TO DO >> The line that contains "## Sheet AMPS116A_PowerSupplies.SchDoc: Power" marks the end: retype the data below exactly from its first line through that line.

[Stored data entries]
┌────────
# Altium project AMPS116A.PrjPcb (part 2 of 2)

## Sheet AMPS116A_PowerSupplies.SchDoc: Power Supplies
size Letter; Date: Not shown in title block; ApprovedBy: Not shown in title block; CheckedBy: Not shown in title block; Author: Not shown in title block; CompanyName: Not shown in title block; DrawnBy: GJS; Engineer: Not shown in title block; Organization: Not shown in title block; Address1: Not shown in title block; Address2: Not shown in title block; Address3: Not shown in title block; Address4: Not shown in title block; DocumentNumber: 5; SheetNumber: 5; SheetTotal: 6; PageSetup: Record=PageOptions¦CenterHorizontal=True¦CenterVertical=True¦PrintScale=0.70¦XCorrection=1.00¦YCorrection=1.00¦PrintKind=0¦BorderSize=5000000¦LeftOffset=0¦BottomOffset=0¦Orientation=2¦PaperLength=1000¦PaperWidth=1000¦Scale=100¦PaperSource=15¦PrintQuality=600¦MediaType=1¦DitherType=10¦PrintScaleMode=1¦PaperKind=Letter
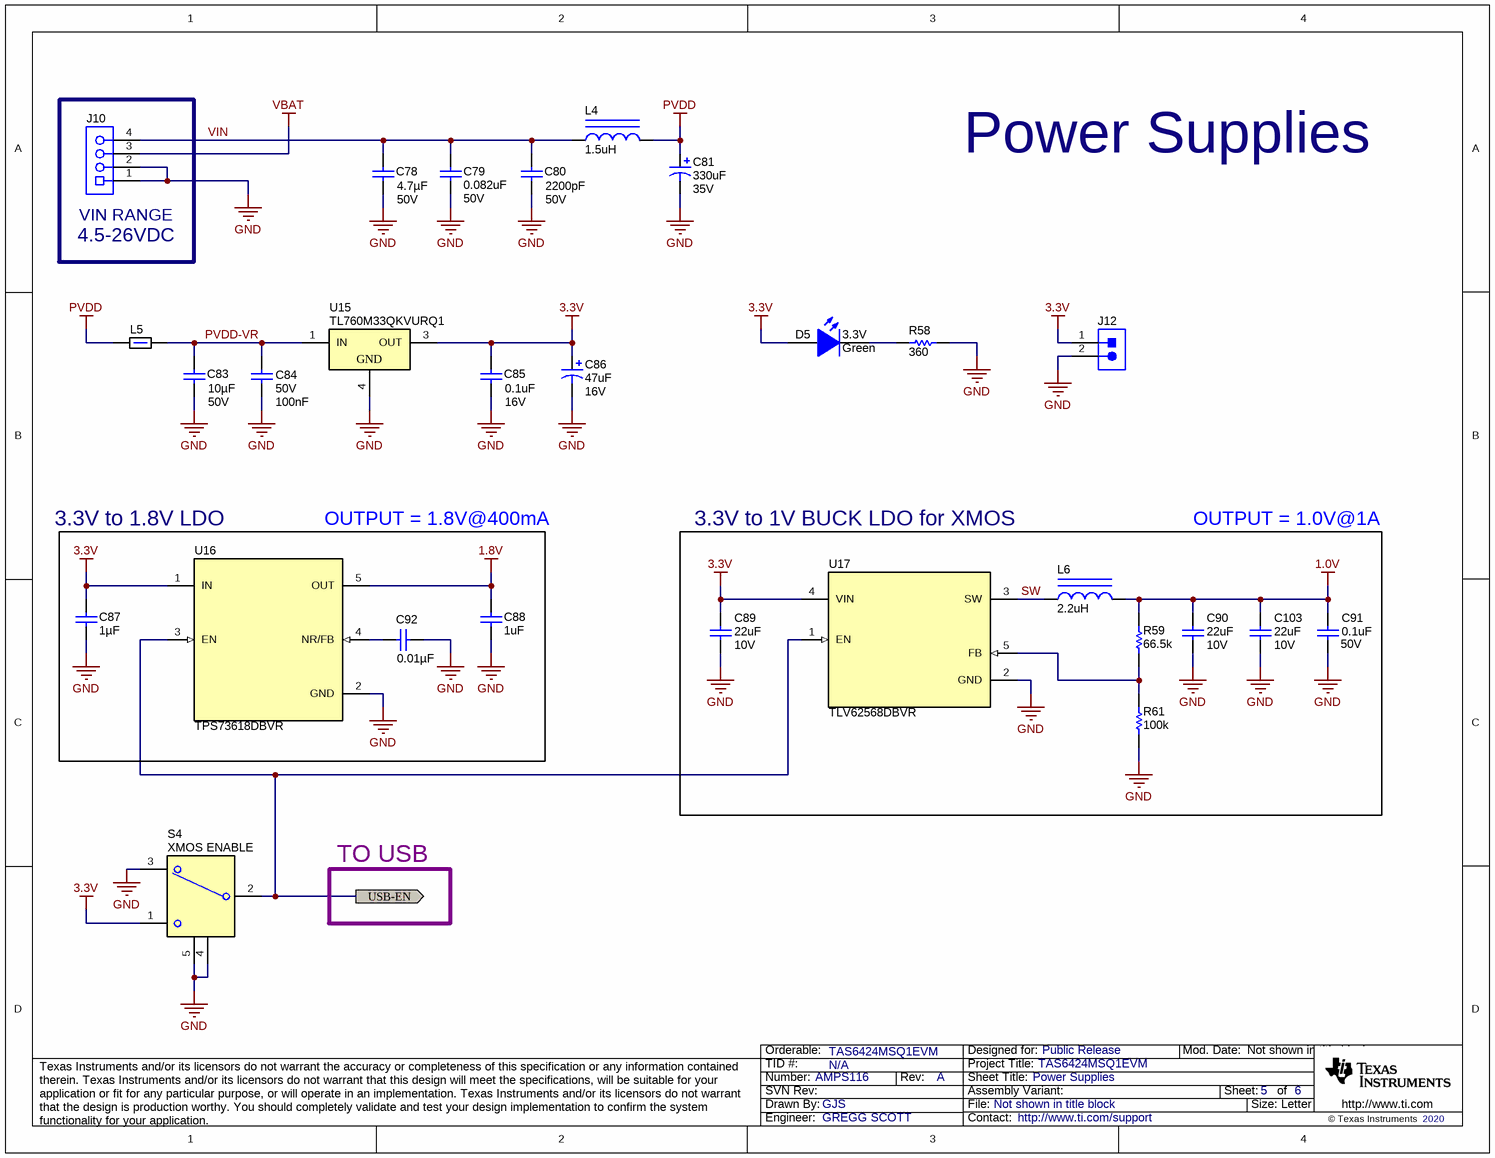
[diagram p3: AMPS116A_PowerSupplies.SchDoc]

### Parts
C78  VDC_V: 50V  ValueDisplayed: 4.7µF  [1210_280]  (hidden comment: C1210C475K5RACAUTO)
C79  ValueDisplayed: 0.082uF  VDC_V: 50V  [0805L]  (hidden comment: Capacitor)
C80  VDC_V: 50V  ValueDisplayed: 2200pF  [0805L]  (hidden comment: 08055A222JAT2A)
C81  ValueDisplayed: 330uF  VDC_V: 35V  [BT_1000x2000]  (hidden comment: +)
C83  VDC_V: 50V  ValueDisplayed: 10µF  [1206_190L]  (hidden comment: UMK316BBJ106KL-T)
C84  Cap_F: 100nF  VDC_V: 50V  [0603L]  (hidden comment: C0603C104J5RACTU)
C85  VDC_V: 16V  ValueDisplayed: 0.1uF  [0402L]  (hidden comment: C0402C104K4RACAUTO)
C86  ValueDisplayed: 47uF  VDC_V: 16V  [FC_500x1100]  (hidden comment: Cap_Polarized)
C87  ValueDisplayed: 1µF  [0603L]  (hidden comment: CL10B105MO8NNWC)
C88  ValueDisplayed: 1uF  [0402L]  (hidden comment: GRM152R60J105ME15D)
C89  VDC_V: 10V  ValueDisplayed: 22uF  [0603L]  (hidden comment: C1608X5R1A226M080AC)
C90  VDC_V: 10V  ValueDisplayed: 22uF  [0603L]  (hidden comment: C1608X5R1A226M080AC)
C91  VDC_V: 50V  ValueDisplayed: 0.1uF  [0402L]  (hidden comment: C1005X7R1H104K050BB)
C92  ValueDisplayed: 0.01µF  [0402L]  (hidden comment: 0402B103K6R3CT)
C103  VDC_V: 10V  ValueDisplayed: 22uF  [0603L]  (hidden comment: C1608X5R1A226M080AC)
D5  3.3V  value Green  [LTST-C170KGKT_Green]
J10  Receptacle_4x1  [TERM_BLK_ED555-4DS]  (value not drawn)
J12  DNP  [Sullins_PBC02SAAN]  (value not drawn)
L4  ValueDisplayed: 1.5uH  [VCMT053T]  (hidden comment: VCMT053T-1R5MN5)
L5  Ferrite_Bead  [NFZ2M]  (value not drawn)
L6  ValueDisplayed: 2.2uH  [1008]  (hidden comment: LQM2HPN2R2MG0L)
R58  ValueDisplayed: 360  [0402L]  (hidden comment: Resistor)
R59  ValueDisplayed: 66.5k  [0603L]  (hidden comment: RC0603FR-0766K5L)
R61  ValueDisplayed: 100k  [0603L]  (hidden comment: RC0603FR-07100KL)
S4  XMOS ENABLE  [SW_FT1D-4M-Z]
U15  PartNumber: TL760M33QKVURQ1  [KVU0003A_N]  (hidden comment: TI-TL7X0MXX-Q1KVU3)
U16  PartNumber: TPS73618DBVR  [DBV0005A_N]  (hidden comment: TPS736xxDBV)
U17  TLV62568DBVR  [DBV0005A_N]

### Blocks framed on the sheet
4.5-26VDC: J10
3.3V to 1.8V LDO: C87 C88 C92 U16
3.3V to 1V BUCK LDO for XMOS: C89-C91 C103 L6 R59 R61 U17

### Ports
USB-EN (out)

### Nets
1.0V: C90.1 C91.1 C103.1 L6.2 R59.2
1.8V: C88.2 U16.5(OUT)
3.3V: C85.2 C86.1(+) C87.2 C89.1 D5.1(A) J12.1 S4.1 U15.3(OUT) U16.1(IN) U17.4(VIN)
GND: C78.1 C79.1 C80.2 C81.2(-) C83.2 C84.1 C85.1 C86.2(-) C87.1 C88.1 C89.2 C90.2 C91.2 C92.1 C103.2 J10.1 J10.2 J12.2 R58.2 R61.1 S4.3 S4.4 S4.5 U15.4(GND) U16.2(GND) U17.2(GND)
PVDD: C81.1(+) L4.2 L5.1
VBAT: J10.3
PVDD-VR: C83.1 C84.2 L5.2 U15.1(IN)
SW: L6.1 U17.3(SW)
USB-EN: S4.2(COM) U16.3(EN) U17.1(EN) ; port USB-EN
VIN: C78.2 C79.2 C80.1 J10.4 L4.1
NetC92_2: C92.2 U16.4(NR/FB)
NetD5_2: D5.2(K) R58.1
NetR59_1: R59.1 R61.2 U17.5(FB)

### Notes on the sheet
- Power Supplies
- (near J10) VIN RANGE
- OUTPUT = 1.8V@400mA
- OUTPUT = 1.0V@1A
- TO USB

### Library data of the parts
C78 = CMP-0079604-1: CAP, CERM, 4.7 µF, 50 V,+/- 10%, X7R, AEC-Q200 Grade 1, 1210; Manufacturer: Kemet; TaMin_C: -55°C; Polarized: N; SizeAreaWB_mm2: 14.7; U/M: EA; Value: 4.7uF; TaMax_C: 125°C; SizeZ_mm: 2.8; SizeX_mm: 3.2; SizeY_mm: 2.5; Cap_Case: 1210; SizeArea_mm2: 8; AEC Qualified: Y; AEC Grade: 1; AEC Category: Q200
C79 = CMP-0007669-2: CAP, CERM, 0.082 uF, 50 V, +/- 10%, X7R, 0805; PartNumber: 08055C823KAT2A; Manufacturer: AVX; Polarized: N; U/M: EA; Cap_F: 82nF; ESR_ohm: 0.026; Value1: 0.026 ohm; TaMin_C: -55°C; TaMax_C: 125°C; Cap_Case: 0805; AEC Category: Q200; SizeArea_mm2: 2.5; SizeAreaWB_mm2: 6.75; SizeX_mm: 2; SizeY_mm: 1.25; SizeZ_mm: 1.45
C80 = CMP-0007601-2: CAP, CERM, 2200 pF, 50 V, +/- 5%, C0G/NP0, 0805; Manufacturer: AVX; TaMin_C: -55°C; ESR_ohm: 0.08; Polarized: N; SizeAreaWB_mm2: 6.75; Value1: 0.08 ohm; U/M: EA; Value: 2200pF; TaMax_C: 125°C; SizeZ_mm: 1.45; SizeX_mm: 2; SizeY_mm: 1.25; Cap_Case: 0805; SizeArea_mm2: 2.5; Cap_F: 2.2nF; AEC Category: Q200
C81 = CMP-0010530-2: CAP, AL, 330 uF, 35 V, +/- 20%, AEC-Q200 Grade 1, TH; PartNumber: UBT1V331MPD1TD; Manufacturer: Nichicon; Polarized: Y; CompType: Capacitor; Value: 330uF; U/M: EA; Cap_F: 330µF; Value1: Unknown; TaMin_C: -40°C; TaMax_C: 125°C; Cap_Case: 10x20mm; AEC Category: Q200; AEC Grade: 1; SizeArea_mm2: 100; SizeAreaWB_mm2: 144; SizeX_mm: 10; SizeZ_mm: 22
C83 = CMP-0086153-1: CAP, CERM, 10 µF, 50 V,+/- 10%, X5R, 1206; Manufacturer: Taiyo Yuden; Polarized: N; SizeX_mm: 3.2; TaMax_C: 85°C; SizeY_mm: 1.6; AEC Category: Q200; SizeArea_mm2: 5.12; Cap_Case: 1206; SizeAreaWB_mm2: 10.92; TaMin_C: -55°C; SizeZ_mm: 1.9; U/M: EA; Value: 10uF
C84 = CMP-0006858-4: CAP, CERM, 0.1 uF, 50 V, +/- 5%, X7R, 0603; Manufacturer: Kemet; TaMin_C: -55°C; Polarized: N; SizeAreaWB_mm2: 4.68; Value1: Unknown; U/M: EA; Value: 0.1uF; TaMax_C: 125°C; SizeZ_mm: 1; SizeX_mm: 1.6; SizeY_mm: 0.8; Cap_Case: 0603; SizeArea_mm2: 1.28; AEC Category: Q200
C85 = CMP-0006237-2: CAP, CERM, 0.1 uF, 16 V, +/- 10%, X7R, AEC-Q200 Grade 1, 0402; Manufacturer: Kemet; TaMin_C: -55°C; Polarized: N; SizeAreaWB_mm2: 3; Value1: Unknown; U/M: EA; Value: 0.1uF; TaMax_C: 125°C; SizeZ_mm: 0.6; SizeX_mm: 1; SizeY_mm: 0.5; Cap_Case: 0402; AEC Qualified: Y; Cap_F: 100nF; AEC Category: Q200
C86 = CMP-0010336-1: CAP, AL, 47 uF, 16 V, +/- 20%, 0.8 ohm, AEC-Q200 Grade 2, TH; PartNumber: EEU-FC1C470; Manufacturer: Panasonic; Polarized: Y; CompType: Capacitor; Value: 47uF; U/M: EA; Cap_F: 47µF; ESR_ohm: 8d; Value1: 0.8 ohm; IRMS_A: 1.75dA; TaMin_C: -55°C; TaMax_C: 105°C; Cap_Case: 5x11mm; AEC Category: Q200; AEC Grade: 2; SizeArea_mm2: 25; SizeAreaWB_mm2: 49; SizeX_mm: 5; SizeZ_mm: 12
C87 = CMP-0082012-1: CAP, CERM, 1 µF, 16 V,+/- 20%, X7R, 0603; Manufacturer: Samsung; SizeAreaWB_mm2: 4.68; SizeArea_mm2: 1.28; AEC Qualified: N; AEC Category: Q200; Value: 1uF; TaMax_C: 125°C; SizeZ_mm: 1; TaMin_C: -55°C; VDC_V: 16V; SizeY_mm: 0.8; U/M: EA; CompType: Capacitor; SizeX_mm: 1.6; Cap_Case: 0603
C88 = CMP-0006372-2: CAP, CERM, 1 uF, 6.3 V, +/- 20%, X5R, 0402; Manufacturer: MuRata; TaMin_C: -55°C; Polarized: N; SizeAreaWB_mm2: 3; Value1: Unknown; U/M: EA; Value: 1uF; TaMax_C: 85°C; SizeZ_mm: 0.6; SizeX_mm: 1; SizeY_mm: 0.5; Cap_Case: 0402; Value2: 6.3V; CompType: Capacitor; Cap_F: 1µF; AEC Category: Q200
C89 C90 C103 = CMP-0007005-5: CAP, CERM, 22 uF, 10 V, +/- 20%, X5R, 0603; Manufacturer: TDK; TaMin_C: -55°C; ESR_ohm: 3.71m; Polarized: N; SizeAreaWB_mm2: 4.68; Value1: 0.00371 ohm; U/M: EA; Value: 22uF; TaMax_C: 85°C; SizeZ_mm: 1; SizeX_mm: 1.6; SizeY_mm: 0.8; Cap_Case: 0603; SizeArea_mm2: 1.28; CompType: Capacitor; Cap_F: 22µF; IRMS_A: 2.69936A; AEC Category: Q200
C91 = CMP-0006297-2: CAP, CERM, 0.1 uF, 50 V, +/- 10%, X7R, 0402; Manufacturer: TDK; TaMin_C: -55°C; Polarized: N; SizeAreaWB_mm2: 3; Value1: 0.039064 ohm; U/M: EA; Value: 0.1uF; TaMax_C: 125°C; SizeZ_mm: 0.6; SizeX_mm: 1; SizeY_mm: 0.5; Cap_Case: 0402; Cap_F: 100nF; AEC Category: Q200; ESR_ohm: 0.039064; IRMS_A: 8.14669dA
C92 = CMP-0860544-1: CAP, CERM, 0.01 µF, 6.3 V,+/- 10%, X7R, 0402; Manufacturer: Walsin; Value: 0.01uF; SizeY_mm: 0.5; SizeX_mm: 1; SizeZ_mm: 0.6; AEC Category: Q200; Value2: 6.3V; SizeAreaWB_mm2: 3; TaMax_C: 125°C; U/M: EA; Cap_Case: 0402; AEC Qualified: N; Cap_F: 10nF; TaMin_C: -55°C
D5 = CMP-0002888-2: LED, Green, SMD; Manufacturer: Lite-On; PartNumber: LTST-C170KGKT; Value1: W; Vf_V: 2V; Type: AlInGaP; Io_A: 20mA
J10 = CMP-0074917-1: Terminal Block, 3.5mm Pitch, 4x1, TH; PartNumber: ED555/4DS; Manufacturer: On-Shore Technology; Pitch_mm: 3.5; Gender: Female; Shrouded: N; Row_Count: 1; ContactFinish: Brass; Current_A: 6A; Voltage_V: 150V; Cert_CULUS: Y; CNHeader: False; CT: True; Green_Lifecycle: Not Set; Green_REACh: Incomplete
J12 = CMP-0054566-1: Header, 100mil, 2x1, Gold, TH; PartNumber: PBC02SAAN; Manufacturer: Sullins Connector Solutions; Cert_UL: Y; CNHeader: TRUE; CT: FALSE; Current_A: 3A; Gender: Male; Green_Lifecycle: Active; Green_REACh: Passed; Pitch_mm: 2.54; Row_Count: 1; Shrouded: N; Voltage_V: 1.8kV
└────────
TASK OUTPUT >>
# Altium project AMPS116A.PrjPcb (part 2 of 2)

## Sheet AMPS116A_PowerSupplies.SchDoc: Power Supplies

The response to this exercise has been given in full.